• [Task prompt]: Within the listing, each line that has the string "KOLKCC" should be copied.
◇ ◇ ◇ ◇ ◇ ◇ ◇
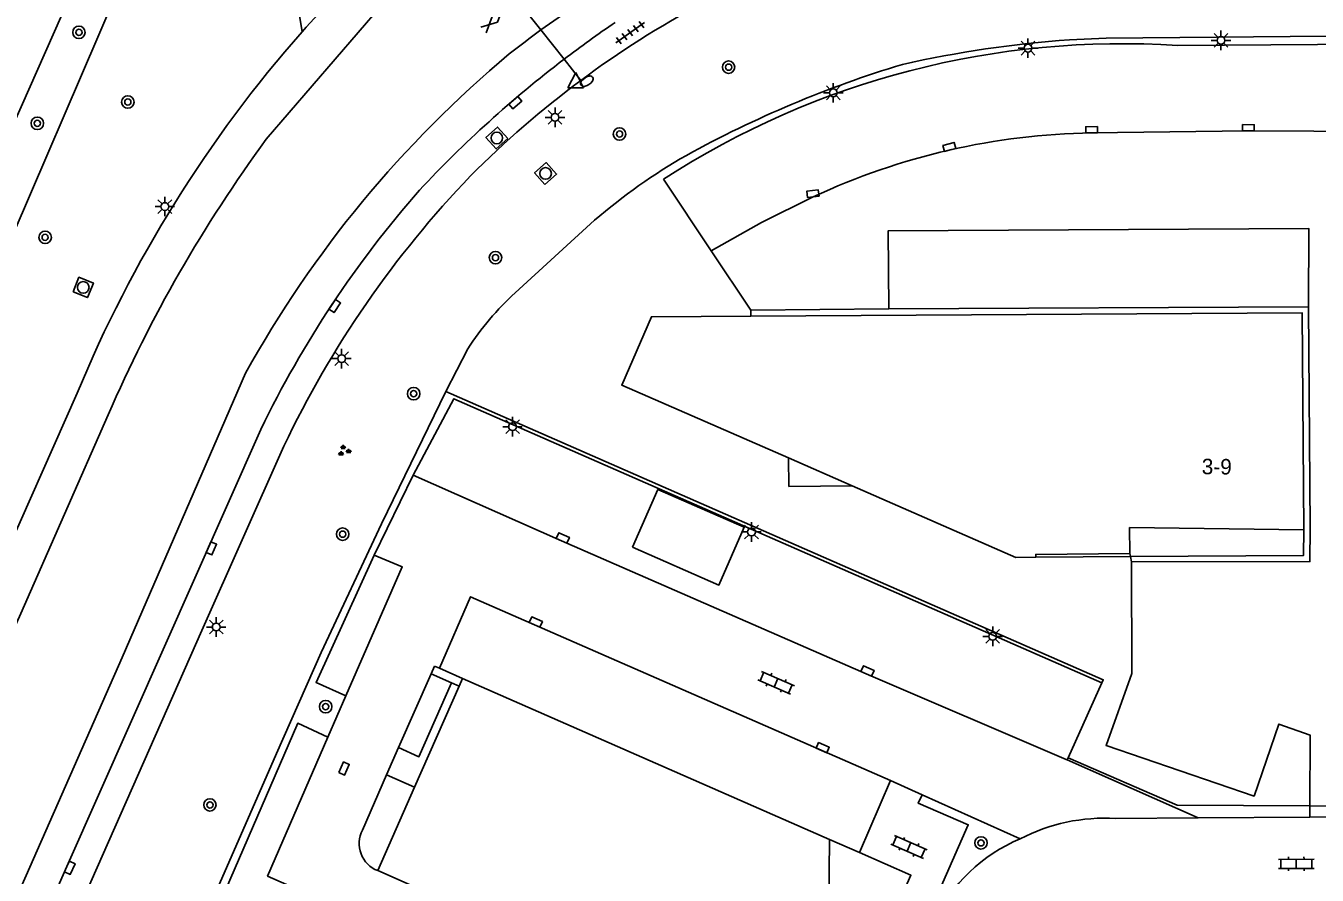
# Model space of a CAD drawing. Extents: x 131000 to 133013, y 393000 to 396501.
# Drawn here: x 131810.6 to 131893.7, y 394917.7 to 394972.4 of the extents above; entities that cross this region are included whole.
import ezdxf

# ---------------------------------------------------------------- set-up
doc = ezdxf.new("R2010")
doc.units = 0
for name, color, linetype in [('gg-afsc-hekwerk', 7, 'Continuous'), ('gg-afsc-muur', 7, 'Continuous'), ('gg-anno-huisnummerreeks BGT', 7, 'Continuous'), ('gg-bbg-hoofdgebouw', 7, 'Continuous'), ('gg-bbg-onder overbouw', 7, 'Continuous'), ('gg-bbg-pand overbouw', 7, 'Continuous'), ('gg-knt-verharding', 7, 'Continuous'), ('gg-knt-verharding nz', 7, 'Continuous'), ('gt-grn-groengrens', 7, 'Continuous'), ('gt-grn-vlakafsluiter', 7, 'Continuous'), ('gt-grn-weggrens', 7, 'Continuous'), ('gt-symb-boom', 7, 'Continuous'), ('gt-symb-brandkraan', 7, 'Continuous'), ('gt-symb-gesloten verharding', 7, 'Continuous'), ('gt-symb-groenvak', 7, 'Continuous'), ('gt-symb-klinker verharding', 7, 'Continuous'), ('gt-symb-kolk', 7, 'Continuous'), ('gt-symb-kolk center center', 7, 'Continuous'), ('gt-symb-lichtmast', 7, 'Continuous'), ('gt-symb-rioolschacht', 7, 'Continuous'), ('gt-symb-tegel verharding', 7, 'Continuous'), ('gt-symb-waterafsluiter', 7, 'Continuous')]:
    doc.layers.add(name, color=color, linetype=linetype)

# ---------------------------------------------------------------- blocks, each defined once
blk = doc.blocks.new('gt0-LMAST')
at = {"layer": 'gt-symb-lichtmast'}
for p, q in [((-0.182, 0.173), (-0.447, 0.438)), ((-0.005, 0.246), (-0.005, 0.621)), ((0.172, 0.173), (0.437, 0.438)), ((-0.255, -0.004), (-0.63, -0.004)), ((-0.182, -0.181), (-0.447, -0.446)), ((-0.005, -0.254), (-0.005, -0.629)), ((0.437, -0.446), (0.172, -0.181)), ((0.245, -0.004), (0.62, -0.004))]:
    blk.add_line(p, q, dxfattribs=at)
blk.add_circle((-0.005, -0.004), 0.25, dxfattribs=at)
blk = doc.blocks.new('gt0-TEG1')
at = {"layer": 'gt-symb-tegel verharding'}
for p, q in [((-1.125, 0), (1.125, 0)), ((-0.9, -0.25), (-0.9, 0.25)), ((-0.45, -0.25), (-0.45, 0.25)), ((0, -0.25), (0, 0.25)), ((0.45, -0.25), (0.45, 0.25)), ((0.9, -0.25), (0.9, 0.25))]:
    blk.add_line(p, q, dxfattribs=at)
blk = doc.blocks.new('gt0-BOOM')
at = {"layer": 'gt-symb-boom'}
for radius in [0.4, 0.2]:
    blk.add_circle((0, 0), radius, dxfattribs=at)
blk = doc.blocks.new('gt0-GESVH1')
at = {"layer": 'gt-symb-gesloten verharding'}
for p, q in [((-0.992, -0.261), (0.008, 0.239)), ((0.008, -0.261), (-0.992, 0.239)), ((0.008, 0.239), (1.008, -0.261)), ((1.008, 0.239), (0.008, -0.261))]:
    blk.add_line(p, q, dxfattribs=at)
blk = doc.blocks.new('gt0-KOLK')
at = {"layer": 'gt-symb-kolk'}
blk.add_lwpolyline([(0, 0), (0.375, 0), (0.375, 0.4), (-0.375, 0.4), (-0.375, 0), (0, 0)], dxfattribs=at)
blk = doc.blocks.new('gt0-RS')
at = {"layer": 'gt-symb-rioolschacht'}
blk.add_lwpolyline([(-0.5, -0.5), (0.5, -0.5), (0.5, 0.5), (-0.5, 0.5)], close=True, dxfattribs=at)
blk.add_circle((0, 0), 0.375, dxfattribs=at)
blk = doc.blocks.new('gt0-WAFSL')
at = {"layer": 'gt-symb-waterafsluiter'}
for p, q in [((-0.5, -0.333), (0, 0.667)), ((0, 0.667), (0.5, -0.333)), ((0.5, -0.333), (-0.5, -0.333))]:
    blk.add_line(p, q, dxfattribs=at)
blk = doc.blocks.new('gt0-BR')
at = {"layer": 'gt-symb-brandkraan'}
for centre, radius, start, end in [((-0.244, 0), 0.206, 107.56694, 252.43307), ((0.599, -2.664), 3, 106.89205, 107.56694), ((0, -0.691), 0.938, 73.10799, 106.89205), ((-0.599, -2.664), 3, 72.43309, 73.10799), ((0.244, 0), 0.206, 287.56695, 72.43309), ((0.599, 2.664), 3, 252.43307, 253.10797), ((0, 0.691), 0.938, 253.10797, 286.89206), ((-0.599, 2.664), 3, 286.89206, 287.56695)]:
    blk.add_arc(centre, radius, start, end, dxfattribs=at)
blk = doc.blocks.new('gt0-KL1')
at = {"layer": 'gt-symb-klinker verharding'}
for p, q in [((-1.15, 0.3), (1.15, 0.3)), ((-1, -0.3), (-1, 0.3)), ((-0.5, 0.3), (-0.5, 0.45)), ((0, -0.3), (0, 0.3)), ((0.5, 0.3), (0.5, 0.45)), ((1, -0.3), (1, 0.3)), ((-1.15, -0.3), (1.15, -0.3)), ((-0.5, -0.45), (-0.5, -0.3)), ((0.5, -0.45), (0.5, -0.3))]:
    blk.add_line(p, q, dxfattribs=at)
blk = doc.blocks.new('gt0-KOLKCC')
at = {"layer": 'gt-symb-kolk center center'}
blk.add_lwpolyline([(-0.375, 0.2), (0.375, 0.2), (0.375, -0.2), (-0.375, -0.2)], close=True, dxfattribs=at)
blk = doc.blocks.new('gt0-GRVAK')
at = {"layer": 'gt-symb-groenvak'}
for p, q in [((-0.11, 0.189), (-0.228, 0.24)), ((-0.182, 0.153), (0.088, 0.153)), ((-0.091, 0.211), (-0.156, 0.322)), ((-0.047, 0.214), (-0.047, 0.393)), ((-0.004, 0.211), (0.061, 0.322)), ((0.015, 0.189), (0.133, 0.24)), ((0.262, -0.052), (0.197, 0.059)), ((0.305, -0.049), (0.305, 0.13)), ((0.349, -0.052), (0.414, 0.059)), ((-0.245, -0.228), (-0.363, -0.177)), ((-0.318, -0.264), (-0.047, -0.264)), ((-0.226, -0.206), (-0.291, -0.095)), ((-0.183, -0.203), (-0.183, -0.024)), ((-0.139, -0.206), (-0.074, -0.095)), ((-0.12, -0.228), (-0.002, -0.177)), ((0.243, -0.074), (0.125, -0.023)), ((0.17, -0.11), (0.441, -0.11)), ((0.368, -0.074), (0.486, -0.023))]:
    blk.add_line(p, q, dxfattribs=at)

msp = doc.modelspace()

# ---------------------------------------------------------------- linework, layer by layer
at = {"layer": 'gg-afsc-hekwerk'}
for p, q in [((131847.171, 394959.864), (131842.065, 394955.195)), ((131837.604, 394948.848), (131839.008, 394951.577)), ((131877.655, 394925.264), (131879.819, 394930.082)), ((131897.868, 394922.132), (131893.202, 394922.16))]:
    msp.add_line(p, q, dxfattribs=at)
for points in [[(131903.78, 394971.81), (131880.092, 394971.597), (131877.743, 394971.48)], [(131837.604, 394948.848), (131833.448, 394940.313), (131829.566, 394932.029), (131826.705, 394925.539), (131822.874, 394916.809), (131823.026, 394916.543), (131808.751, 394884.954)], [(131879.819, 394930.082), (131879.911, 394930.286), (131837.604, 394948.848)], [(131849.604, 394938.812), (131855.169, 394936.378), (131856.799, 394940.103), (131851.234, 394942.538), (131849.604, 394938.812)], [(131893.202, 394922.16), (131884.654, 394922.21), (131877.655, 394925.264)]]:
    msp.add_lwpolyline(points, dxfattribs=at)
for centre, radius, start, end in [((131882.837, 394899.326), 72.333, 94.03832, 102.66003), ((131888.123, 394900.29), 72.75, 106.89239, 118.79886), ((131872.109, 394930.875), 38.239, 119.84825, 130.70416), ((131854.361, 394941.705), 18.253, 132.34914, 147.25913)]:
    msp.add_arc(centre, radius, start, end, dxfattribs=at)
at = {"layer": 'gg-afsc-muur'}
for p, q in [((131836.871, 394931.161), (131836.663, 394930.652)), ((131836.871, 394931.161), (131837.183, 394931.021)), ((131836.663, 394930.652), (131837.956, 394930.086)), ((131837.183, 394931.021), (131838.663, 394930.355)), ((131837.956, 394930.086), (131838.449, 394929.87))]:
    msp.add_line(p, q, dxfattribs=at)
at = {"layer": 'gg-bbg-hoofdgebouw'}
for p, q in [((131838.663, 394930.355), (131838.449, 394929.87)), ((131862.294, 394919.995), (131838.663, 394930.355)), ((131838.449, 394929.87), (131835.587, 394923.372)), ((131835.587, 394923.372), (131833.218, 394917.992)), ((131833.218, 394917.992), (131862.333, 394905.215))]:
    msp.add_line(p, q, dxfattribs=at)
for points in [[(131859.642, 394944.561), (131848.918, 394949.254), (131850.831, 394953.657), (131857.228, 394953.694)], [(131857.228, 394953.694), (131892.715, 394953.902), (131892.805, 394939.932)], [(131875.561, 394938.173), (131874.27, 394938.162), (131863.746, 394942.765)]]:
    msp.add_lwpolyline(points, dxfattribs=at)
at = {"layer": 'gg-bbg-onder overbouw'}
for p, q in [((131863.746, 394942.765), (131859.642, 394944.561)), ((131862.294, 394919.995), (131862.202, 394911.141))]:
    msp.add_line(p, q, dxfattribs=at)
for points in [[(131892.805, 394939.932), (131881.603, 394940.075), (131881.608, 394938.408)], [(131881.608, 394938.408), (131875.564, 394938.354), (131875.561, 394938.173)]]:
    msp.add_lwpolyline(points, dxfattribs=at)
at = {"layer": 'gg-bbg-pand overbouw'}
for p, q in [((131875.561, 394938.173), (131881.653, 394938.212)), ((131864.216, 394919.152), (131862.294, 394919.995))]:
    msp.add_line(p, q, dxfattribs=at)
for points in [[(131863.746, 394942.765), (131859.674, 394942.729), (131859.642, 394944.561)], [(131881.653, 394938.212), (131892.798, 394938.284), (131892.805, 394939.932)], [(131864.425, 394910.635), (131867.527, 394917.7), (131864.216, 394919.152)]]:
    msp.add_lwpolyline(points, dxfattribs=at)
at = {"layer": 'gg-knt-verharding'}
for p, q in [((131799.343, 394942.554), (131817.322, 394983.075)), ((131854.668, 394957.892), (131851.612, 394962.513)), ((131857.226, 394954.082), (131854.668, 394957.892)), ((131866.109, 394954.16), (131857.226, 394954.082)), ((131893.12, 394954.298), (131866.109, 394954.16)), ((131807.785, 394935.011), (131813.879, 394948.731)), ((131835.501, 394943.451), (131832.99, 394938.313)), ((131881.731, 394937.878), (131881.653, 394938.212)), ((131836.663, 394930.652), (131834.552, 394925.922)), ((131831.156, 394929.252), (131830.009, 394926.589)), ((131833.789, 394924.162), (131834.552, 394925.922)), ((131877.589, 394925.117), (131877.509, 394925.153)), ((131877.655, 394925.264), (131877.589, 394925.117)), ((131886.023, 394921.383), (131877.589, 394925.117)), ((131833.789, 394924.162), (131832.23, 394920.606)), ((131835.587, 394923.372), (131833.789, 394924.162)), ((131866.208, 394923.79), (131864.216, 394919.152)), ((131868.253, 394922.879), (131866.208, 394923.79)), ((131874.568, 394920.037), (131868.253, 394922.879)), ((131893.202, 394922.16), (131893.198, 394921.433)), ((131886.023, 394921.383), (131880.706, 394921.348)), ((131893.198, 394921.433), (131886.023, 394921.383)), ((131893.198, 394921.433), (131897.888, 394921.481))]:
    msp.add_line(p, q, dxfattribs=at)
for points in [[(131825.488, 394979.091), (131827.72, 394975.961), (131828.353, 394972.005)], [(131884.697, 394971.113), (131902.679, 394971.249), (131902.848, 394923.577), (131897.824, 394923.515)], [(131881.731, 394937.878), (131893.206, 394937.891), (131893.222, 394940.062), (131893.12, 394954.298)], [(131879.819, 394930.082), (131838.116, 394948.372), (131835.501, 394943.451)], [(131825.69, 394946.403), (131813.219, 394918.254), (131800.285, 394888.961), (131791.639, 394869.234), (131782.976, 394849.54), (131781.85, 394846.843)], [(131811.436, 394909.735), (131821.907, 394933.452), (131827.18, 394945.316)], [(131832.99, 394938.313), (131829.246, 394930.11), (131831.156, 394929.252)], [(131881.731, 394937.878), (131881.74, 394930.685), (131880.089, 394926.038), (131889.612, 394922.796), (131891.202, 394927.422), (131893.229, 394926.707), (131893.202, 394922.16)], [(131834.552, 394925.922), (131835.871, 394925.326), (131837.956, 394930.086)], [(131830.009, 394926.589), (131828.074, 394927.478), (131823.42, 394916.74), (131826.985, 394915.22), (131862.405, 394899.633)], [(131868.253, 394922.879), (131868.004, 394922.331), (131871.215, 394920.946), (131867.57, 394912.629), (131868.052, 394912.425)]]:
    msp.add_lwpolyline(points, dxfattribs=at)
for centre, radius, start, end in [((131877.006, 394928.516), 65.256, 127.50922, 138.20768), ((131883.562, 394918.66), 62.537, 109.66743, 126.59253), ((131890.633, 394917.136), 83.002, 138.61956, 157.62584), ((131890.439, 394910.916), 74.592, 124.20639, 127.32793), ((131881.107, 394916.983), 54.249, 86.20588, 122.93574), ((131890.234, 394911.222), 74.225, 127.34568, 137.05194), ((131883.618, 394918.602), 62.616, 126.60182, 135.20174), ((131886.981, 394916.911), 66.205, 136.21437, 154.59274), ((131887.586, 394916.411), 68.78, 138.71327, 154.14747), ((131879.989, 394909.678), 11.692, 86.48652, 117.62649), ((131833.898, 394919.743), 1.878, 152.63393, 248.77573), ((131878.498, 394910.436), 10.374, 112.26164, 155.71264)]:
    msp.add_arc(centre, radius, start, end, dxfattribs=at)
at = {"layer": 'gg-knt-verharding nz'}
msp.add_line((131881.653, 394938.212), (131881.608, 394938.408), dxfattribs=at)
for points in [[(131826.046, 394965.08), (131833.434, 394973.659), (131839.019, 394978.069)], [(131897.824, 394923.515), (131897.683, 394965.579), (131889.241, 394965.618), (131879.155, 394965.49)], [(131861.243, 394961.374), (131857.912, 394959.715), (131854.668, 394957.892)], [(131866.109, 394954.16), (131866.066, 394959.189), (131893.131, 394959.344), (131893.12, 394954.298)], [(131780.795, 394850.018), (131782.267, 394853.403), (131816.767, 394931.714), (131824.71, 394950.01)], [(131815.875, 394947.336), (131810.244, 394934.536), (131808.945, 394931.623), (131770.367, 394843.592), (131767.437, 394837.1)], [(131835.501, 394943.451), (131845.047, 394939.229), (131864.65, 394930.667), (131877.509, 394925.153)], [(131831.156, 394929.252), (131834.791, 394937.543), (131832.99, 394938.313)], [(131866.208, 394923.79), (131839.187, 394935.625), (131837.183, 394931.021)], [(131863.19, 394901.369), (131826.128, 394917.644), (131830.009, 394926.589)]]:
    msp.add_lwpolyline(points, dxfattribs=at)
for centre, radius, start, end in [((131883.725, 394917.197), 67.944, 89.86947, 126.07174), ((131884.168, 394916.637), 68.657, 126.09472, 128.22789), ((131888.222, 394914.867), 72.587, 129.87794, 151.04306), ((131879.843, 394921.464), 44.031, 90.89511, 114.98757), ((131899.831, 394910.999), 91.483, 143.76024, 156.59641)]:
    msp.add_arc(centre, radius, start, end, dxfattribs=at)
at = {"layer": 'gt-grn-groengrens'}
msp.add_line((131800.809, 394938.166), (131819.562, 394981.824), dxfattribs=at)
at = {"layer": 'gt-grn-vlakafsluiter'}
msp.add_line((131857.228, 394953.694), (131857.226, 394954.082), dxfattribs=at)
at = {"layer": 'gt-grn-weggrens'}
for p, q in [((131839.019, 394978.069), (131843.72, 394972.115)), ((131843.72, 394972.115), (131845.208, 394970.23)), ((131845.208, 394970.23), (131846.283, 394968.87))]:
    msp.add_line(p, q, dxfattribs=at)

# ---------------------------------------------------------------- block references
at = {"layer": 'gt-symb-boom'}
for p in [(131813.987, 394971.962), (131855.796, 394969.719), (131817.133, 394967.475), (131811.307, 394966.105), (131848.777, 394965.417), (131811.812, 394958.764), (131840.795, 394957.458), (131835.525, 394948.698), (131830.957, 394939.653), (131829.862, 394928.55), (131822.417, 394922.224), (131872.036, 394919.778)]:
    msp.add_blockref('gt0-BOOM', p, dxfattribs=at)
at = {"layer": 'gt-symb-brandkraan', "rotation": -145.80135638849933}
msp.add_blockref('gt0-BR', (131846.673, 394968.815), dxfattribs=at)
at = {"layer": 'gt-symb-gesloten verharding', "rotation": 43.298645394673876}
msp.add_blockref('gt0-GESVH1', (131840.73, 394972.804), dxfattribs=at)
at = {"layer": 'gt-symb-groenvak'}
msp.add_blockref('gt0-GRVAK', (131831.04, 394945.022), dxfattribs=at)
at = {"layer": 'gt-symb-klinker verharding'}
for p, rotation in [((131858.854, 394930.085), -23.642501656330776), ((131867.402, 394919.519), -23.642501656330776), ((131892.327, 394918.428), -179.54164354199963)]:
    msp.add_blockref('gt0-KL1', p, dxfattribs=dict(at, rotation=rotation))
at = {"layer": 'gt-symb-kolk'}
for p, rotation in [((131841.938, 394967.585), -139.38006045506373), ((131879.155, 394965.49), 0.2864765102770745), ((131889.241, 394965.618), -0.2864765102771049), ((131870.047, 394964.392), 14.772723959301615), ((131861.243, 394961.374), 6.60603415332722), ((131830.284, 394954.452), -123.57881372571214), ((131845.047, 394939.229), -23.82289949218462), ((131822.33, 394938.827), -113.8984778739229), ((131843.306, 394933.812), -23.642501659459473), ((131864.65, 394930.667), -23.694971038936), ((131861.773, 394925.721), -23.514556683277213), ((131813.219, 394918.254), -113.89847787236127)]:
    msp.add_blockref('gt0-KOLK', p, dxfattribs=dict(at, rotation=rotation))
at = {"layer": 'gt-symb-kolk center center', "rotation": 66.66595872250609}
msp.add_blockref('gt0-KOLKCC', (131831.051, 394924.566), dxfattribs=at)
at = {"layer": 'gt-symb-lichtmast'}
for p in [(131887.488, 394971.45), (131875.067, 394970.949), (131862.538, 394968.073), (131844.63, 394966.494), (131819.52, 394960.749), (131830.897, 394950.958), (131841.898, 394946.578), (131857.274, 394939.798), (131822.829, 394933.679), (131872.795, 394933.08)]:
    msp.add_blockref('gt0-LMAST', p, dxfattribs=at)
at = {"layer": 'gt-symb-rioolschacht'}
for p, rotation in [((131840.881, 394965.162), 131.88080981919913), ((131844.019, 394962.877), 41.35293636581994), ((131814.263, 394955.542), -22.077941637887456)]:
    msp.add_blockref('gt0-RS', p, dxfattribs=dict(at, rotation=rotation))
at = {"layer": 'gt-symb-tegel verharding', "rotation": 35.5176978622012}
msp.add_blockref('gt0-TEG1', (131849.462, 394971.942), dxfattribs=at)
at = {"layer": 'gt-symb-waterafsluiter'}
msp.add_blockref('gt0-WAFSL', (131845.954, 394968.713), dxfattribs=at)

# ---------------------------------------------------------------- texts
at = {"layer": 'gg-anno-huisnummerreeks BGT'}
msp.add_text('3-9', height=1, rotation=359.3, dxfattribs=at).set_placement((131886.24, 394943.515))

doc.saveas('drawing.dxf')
◇ ◇ ◇ ◇ ◇ ◇ ◇
• [Problem solution]:
blk = doc.blocks.new('gt0-KOLKCC')
msp.add_blockref('gt0-KOLKCC', (131831.051, 394924.566), dxfattribs=at)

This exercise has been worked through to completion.